→ The input

==*==

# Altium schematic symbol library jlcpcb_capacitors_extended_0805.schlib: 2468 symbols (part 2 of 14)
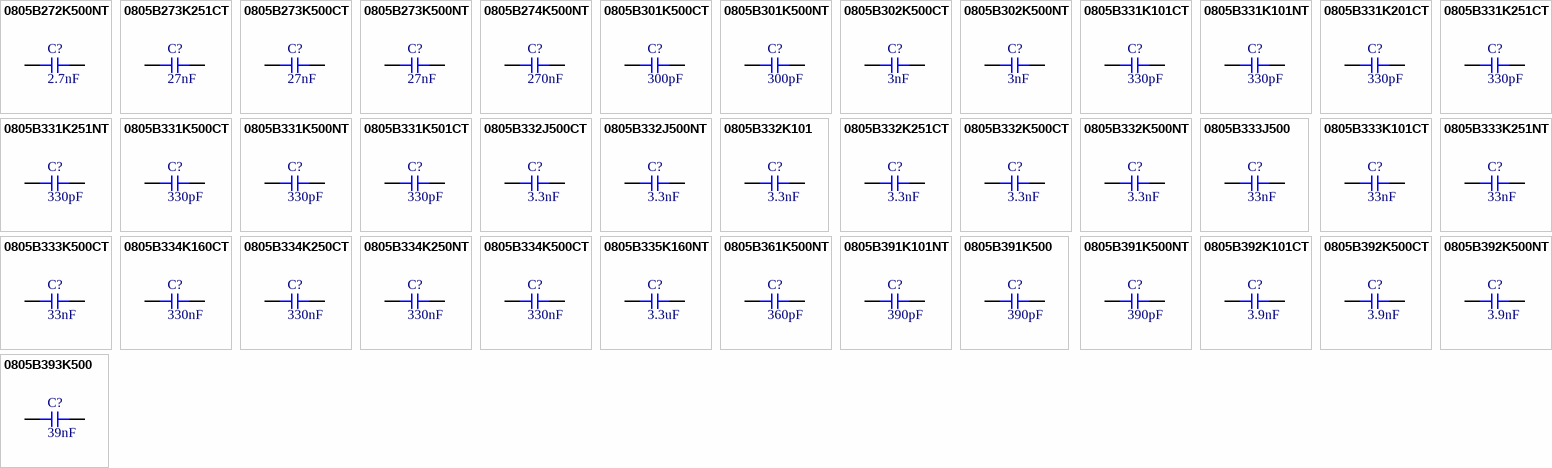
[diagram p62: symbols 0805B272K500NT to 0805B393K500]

## 0805B332K251CT
designator C?  Capacitance: 3.3nF  (hidden comment: *)
Capacitor, Ceramic (MLCC), 3.3nF, ±10%, 250V, X7R, ±10%, SMD 0805; Manufacturer: Walsin Tech Corp; Manufacturer Part Number: 0805B332K251CT
footprint CAP-0805 (0805 (2012M) Capacitor)
pins: 1, 2

## 0805B332K500CT
designator C?  Capacitance: 3.3nF  (hidden comment: *)
Capacitor, Ceramic (MLCC), 3.3nF, ±10%, 50V, X7R, ±10%, SMD 0805; Manufacturer: Walsin Tech Corp; Manufacturer Part Number: 0805B332K500CT
footprint CAP-0805 (0805 (2012M) Capacitor)
pins: 1, 2

## 0805B332K500NT
designator C?  Capacitance: 3.3nF  (hidden comment: *)
Capacitor, Ceramic (MLCC), 3.3nF, ±10%, 50V, X7R, ±10%, SMD 0805; Manufacturer: FH(Guangdong Fenghua Advanced Tech); Manufacturer Part Number: 0805B332K500NT
footprint CAP-0805 (0805 (2012M) Capacitor)
pins: 1, 2

## 0805B333J500
designator C?  Capacitance: 33nF  (hidden comment: *)
Capacitor, Ceramic (MLCC), 33nF, ±5%, 50V, X7R, ±5%, SMD 0805; Manufacturer: Walsin Tech Corp; Manufacturer Part Number: 0805B333J500
footprint CAP-0805 (0805 (2012M) Capacitor)
pins: 1, 2

## 0805B333K101CT
designator C?  Capacitance: 33nF  (hidden comment: *)
Capacitor, Ceramic (MLCC), 33nF, ±10%, 100V, X7R, ±10%, SMD 0805; Manufacturer: Walsin Tech Corp; Manufacturer Part Number: 0805B333K101CT
footprint CAP-0805 (0805 (2012M) Capacitor)
pins: 1, 2

## 0805B333K251NT
designator C?  Capacitance: 33nF  (hidden comment: *)
Capacitor, Ceramic (MLCC), 33nF, ±10%, 250V, ±10%, SMD 0805; Manufacturer: FH(Guangdong Fenghua Advanced Tech); Manufacturer Part Number: 0805B333K251NT
footprint CAP-0805 (0805 (2012M) Capacitor)
pins: 1, 2

## 0805B333K500CT
designator C?  Capacitance: 33nF  (hidden comment: *)
Capacitor, Ceramic (MLCC), 33nF, ±10%, 50V, X7R, ±10%, SMD 0805; Manufacturer: Walsin Tech Corp; Manufacturer Part Number: 0805B333K500CT
footprint CAP-0805 (0805 (2012M) Capacitor)
pins: 1, 2

## 0805B334K160CT
designator C?  Capacitance: 330nF  (hidden comment: *)
Capacitor, Ceramic (MLCC), 330nF, ±10%, 16V, X7R, ±10%, SMD 0805; Manufacturer: Walsin Tech Corp; Manufacturer Part Number: 0805B334K160CT
footprint CAP-0805 (0805 (2012M) Capacitor)
pins: 1, 2

## 0805B334K250CT
designator C?  Capacitance: 330nF  (hidden comment: *)
Capacitor, Ceramic (MLCC), 330nF, ±10%, 25V, X7R, ±10%, SMD 0805; Manufacturer: Walsin Tech Corp; Manufacturer Part Number: 0805B334K250CT
footprint CAP-0805 (0805 (2012M) Capacitor)
pins: 1, 2

## 0805B334K250NT
designator C?  Capacitance: 330nF  (hidden comment: *)
Capacitor, Ceramic (MLCC), 330nF, ±10%, 25V, X7R, ±10%, SMD 0805; Manufacturer: FH(Guangdong Fenghua Advanced Tech); Manufacturer Part Number: 0805B334K250NT
footprint CAP-0805 (0805 (2012M) Capacitor)
pins: 1, 2

## 0805B334K500CT
designator C?  Capacitance: 330nF  (hidden comment: *)
Capacitor, Ceramic (MLCC), 330nF, ±10%, 50V, X7R, ±10%, SMD 0805; Manufacturer: Walsin Tech Corp; Manufacturer Part Number: 0805B334K500CT
footprint CAP-0805 (0805 (2012M) Capacitor)
pins: 1, 2

## 0805B335K160NT
designator C?  Capacitance: 3.3uF  (hidden comment: *)
Capacitor, Ceramic (MLCC), 3.3uF, ±10%, 16V, X7R, ±10%, SMD 0805; Manufacturer: FH(Guangdong Fenghua Advanced Tech); Manufacturer Part Number: 0805B335K160NT
footprint CAP-0805 (0805 (2012M) Capacitor)
pins: 1, 2

## 0805B361K500NT
designator C?  Capacitance: 360pF  (hidden comment: *)
Capacitor, Ceramic (MLCC), 360pF, ±10%, 50V, X7R, ±10%, SMD 0805; Manufacturer: FH(Guangdong Fenghua Advanced Tech); Manufacturer Part Number: 0805B361K500NT
footprint CAP-0805 (0805 (2012M) Capacitor)
pins: 1, 2

## 0805B391K101NT
designator C?  Capacitance: 390pF  (hidden comment: *)
Capacitor, Ceramic (MLCC), 390pF, ±10%, 100V, X7R, ±10%, SMD 0805; Manufacturer: FH(Guangdong Fenghua Advanced Tech); Manufacturer Part Number: 0805B391K101NT
footprint CAP-0805 (0805 (2012M) Capacitor)
pins: 1, 2

## 0805B391K500
designator C?  Capacitance: 390pF  (hidden comment: *)
Capacitor, Ceramic (MLCC), 390pF, ±10%, 50V, X7R, ±10%, SMD 0805; Manufacturer: Walsin Tech Corp; Manufacturer Part Number: 0805B391K500
footprint CAP-0805 (0805 (2012M) Capacitor)
pins: 1, 2

## 0805B391K500NT
designator C?  Capacitance: 390pF  (hidden comment: *)
Capacitor, Ceramic (MLCC), 390pF, ±10%, 50V, X7R, ±10%, SMD 0805; Manufacturer: FH(Guangdong Fenghua Advanced Tech); Manufacturer Part Number: 0805B391K500NT
footprint CAP-0805 (0805 (2012M) Capacitor)
pins: 1, 2

## 0805B392K101CT
designator C?  Capacitance: 3.9nF  (hidden comment: *)
Capacitor, Ceramic (MLCC), 3.9nF, ±10%, 100V, X7R, ±10%, SMD 0805; Manufacturer: Walsin Tech Corp; Manufacturer Part Number: 0805B392K101CT
footprint CAP-0805 (0805 (2012M) Capacitor)
pins: 1, 2

## 0805B392K500CT
designator C?  Capacitance: 3.9nF  (hidden comment: *)
Capacitor, Ceramic (MLCC), 3.9nF, ±10%, 50V, X7R, ±10%, SMD 0805; Manufacturer: Walsin Tech Corp; Manufacturer Part Number: 0805B392K500CT
footprint CAP-0805 (0805 (2012M) Capacitor)
pins: 1, 2

## 0805B392K500NT
designator C?  Capacitance: 3.9nF  (hidden comment: *)
Capacitor, Ceramic (MLCC), 3.9nF, ±10%, 50V, X7R, ±10%, SMD 0805; Manufacturer: FH(Guangdong Fenghua Advanced Tech); Manufacturer Part Number: 0805B392K500NT
footprint CAP-0805 (0805 (2012M) Capacitor)
pins: 1, 2

## 0805B393K500
designator C?  Capacitance: 39nF  (hidden comment: *)
Capacitor, Ceramic (MLCC), 39nF, ±10%, 50V, X7R, ±10%, SMD 0805; Manufacturer: Walsin Tech Corp; Manufacturer Part Number: 0805B393K500
footprint CAP-0805 (0805 (2012M) Capacitor)
pins: 1, 2

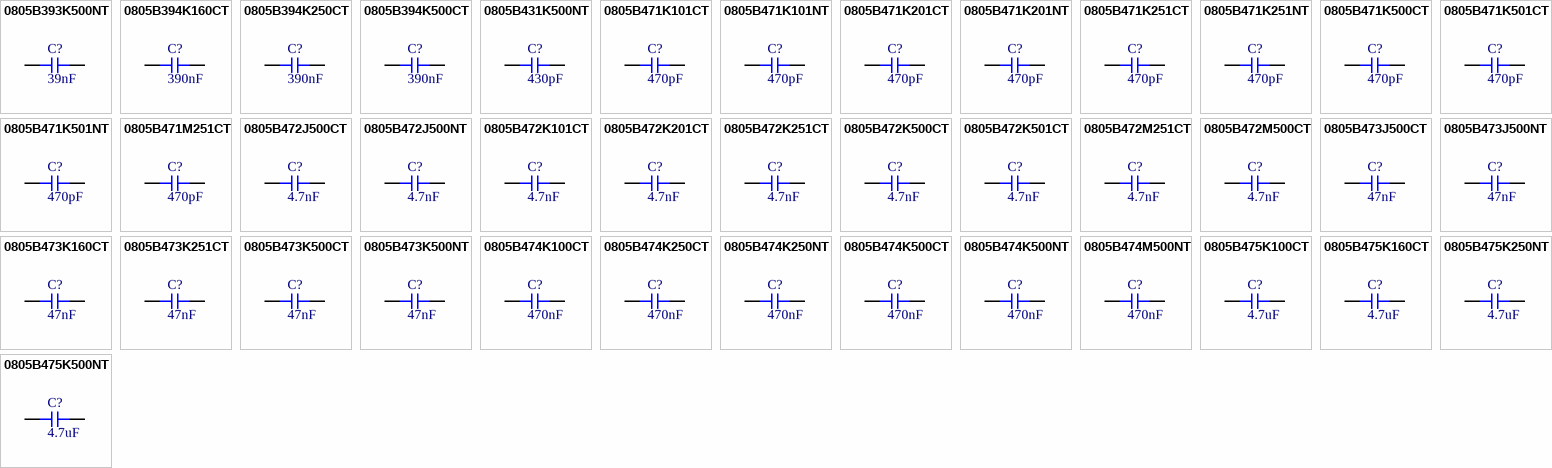
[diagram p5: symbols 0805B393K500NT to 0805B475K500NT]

## 0805B393K500NT
designator C?  Capacitance: 39nF  (hidden comment: *)
Capacitor, Ceramic (MLCC), 39nF, ±10%, 50V, X7R, ±10%, SMD 0805; Manufacturer: FH(Guangdong Fenghua Advanced Tech); Manufacturer Part Number: 0805B393K500NT
footprint CAP-0805 (0805 (2012M) Capacitor)
pins: 1, 2

## 0805B394K160CT
designator C?  Capacitance: 390nF  (hidden comment: *)
Capacitor, Ceramic (MLCC), 390nF, ±10%, 16V, X7R, ±10%, SMD 0805; Manufacturer: Walsin Tech Corp; Manufacturer Part Number: 0805B394K160CT
footprint CAP-0805 (0805 (2012M) Capacitor)
pins: 1, 2

## 0805B394K250CT
designator C?  Capacitance: 390nF  (hidden comment: *)
Capacitor, Ceramic (MLCC), 390nF, ±10%, 25V, X7R, ±10%, SMD 0805; Manufacturer: Walsin Tech Corp; Manufacturer Part Number: 0805B394K250CT
footprint CAP-0805 (0805 (2012M) Capacitor)
pins: 1, 2

## 0805B394K500CT
designator C?  Capacitance: 390nF  (hidden comment: *)
Capacitor, Ceramic (MLCC), 390nF, ±10%, 50V, X7R, ±10%, SMD 0805; Manufacturer: Walsin Tech Corp; Manufacturer Part Number: 0805B394K500CT
footprint CAP-0805 (0805 (2012M) Capacitor)
pins: 1, 2

## 0805B431K500NT
designator C?  Capacitance: 430pF  (hidden comment: *)
Capacitor, Ceramic (MLCC), 430pF, ±10%, 50V, X7R, ±10%, SMD 0805; Manufacturer: FH(Guangdong Fenghua Advanced Tech); Manufacturer Part Number: 0805B431K500NT
footprint CAP-0805 (0805 (2012M) Capacitor)
pins: 1, 2

## 0805B471K101CT
designator C?  Capacitance: 470pF  (hidden comment: *)
Capacitor, Ceramic (MLCC), 470pF, ±10%, 100V, X7R, ±10%, SMD 0805; Manufacturer: Walsin Tech Corp; Manufacturer Part Number: 0805B471K101CT
footprint CAP-0805 (0805 (2012M) Capacitor)
pins: 1, 2

## 0805B471K101NT
designator C?  Capacitance: 470pF  (hidden comment: *)
Capacitor, Ceramic (MLCC), 470pF, ±10%, 100V, X7R, ±10%, SMD 0805; Manufacturer: FH(Guangdong Fenghua Advanced Tech); Manufacturer Part Number: 0805B471K101NT
footprint CAP-0805 (0805 (2012M) Capacitor)
pins: 1, 2

## 0805B471K201CT
designator C?  Capacitance: 470pF  (hidden comment: *)
Capacitor, Ceramic (MLCC), 470pF, ±10%, 200V, X7R, ±10%, SMD 0805; Manufacturer: Walsin Tech Corp; Manufacturer Part Number: 0805B471K201CT
footprint CAP-0805 (0805 (2012M) Capacitor)
pins: 1, 2

## 0805B471K201NT
designator C?  Capacitance: 470pF  (hidden comment: *)
Capacitor, Ceramic (MLCC), 470pF, ±10%, 200V, X7R, ±10%, SMD 0805; Manufacturer: FH(Guangdong Fenghua Advanced Tech); Manufacturer Part Number: 0805B471K201NT
footprint CAP-0805 (0805 (2012M) Capacitor)
pins: 1, 2

## 0805B471K251CT
designator C?  Capacitance: 470pF  (hidden comment: *)
Capacitor, Ceramic (MLCC), 470pF, ±10%, 250V, X7R, ±10%, SMD 0805; Manufacturer: Walsin Tech Corp; Manufacturer Part Number: 0805B471K251CT
footprint CAP-0805 (0805 (2012M) Capacitor)
pins: 1, 2

## 0805B471K251NT
designator C?  Capacitance: 470pF  (hidden comment: *)
Capacitor, Ceramic (MLCC), 470pF, ±10%, 250V, X7R, ±10%, SMD 0805; Manufacturer: FH(Guangdong Fenghua Advanced Tech); Manufacturer Part Number: 0805B471K251NT
footprint CAP-0805 (0805 (2012M) Capacitor)
pins: 1, 2

## 0805B471K500CT
designator C?  Capacitance: 470pF  (hidden comment: *)
Capacitor, Ceramic (MLCC), 470pF, ±10%, 50V, X7R, ±10%, SMD 0805; Manufacturer: Walsin Tech Corp; Manufacturer Part Number: 0805B471K500CT
footprint CAP-0805 (0805 (2012M) Capacitor)
pins: 1, 2

## 0805B471K501CT
designator C?  Capacitance: 470pF  (hidden comment: *)
Capacitor, Ceramic (MLCC), 470pF, ±10%, 500V, X7R, ±10%, SMD 0805; Manufacturer: Walsin Tech Corp; Manufacturer Part Number: 0805B471K501CT
footprint CAP-0805 (0805 (2012M) Capacitor)
pins: 1, 2

## 0805B471K501NT
designator C?  Capacitance: 470pF  (hidden comment: *)
Capacitor, Ceramic (MLCC), 470pF, ±10%, 500V, ±10%, SMD 0805; Manufacturer: FH(Guangdong Fenghua Advanced Tech); Manufacturer Part Number: 0805B471K501NT
footprint CAP-0805 (0805 (2012M) Capacitor)
pins: 1, 2

## 0805B471M251CT
designator C?  Capacitance: 470pF  (hidden comment: *)
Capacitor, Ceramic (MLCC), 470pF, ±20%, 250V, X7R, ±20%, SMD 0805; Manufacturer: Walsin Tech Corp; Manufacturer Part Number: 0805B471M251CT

==*==

→ To do
Could you retype exactly the lines above, starting at the line that contains "Capacitor, Ceramic (MLCC), 390pF, ±10%, 100V, X7R, ±10%, SMD" and ending at the line that contains "## 0805B391K500NT", and nothing more?

→ Output below
Capacitor, Ceramic (MLCC), 390pF, ±10%, 100V, X7R, ±10%, SMD 0805; Manufacturer: FH(Guangdong Fenghua Advanced Tech); Manufacturer Part Number: 0805B391K101NT
footprint CAP-0805 (0805 (2012M) Capacitor)
pins: 1, 2

## 0805B391K500
designator C?  Capacitance: 390pF  (hidden comment: *)
Capacitor, Ceramic (MLCC), 390pF, ±10%, 50V, X7R, ±10%, SMD 0805; Manufacturer: Walsin Tech Corp; Manufacturer Part Number: 0805B391K500
footprint CAP-0805 (0805 (2012M) Capacitor)
pins: 1, 2

## 0805B391K500NT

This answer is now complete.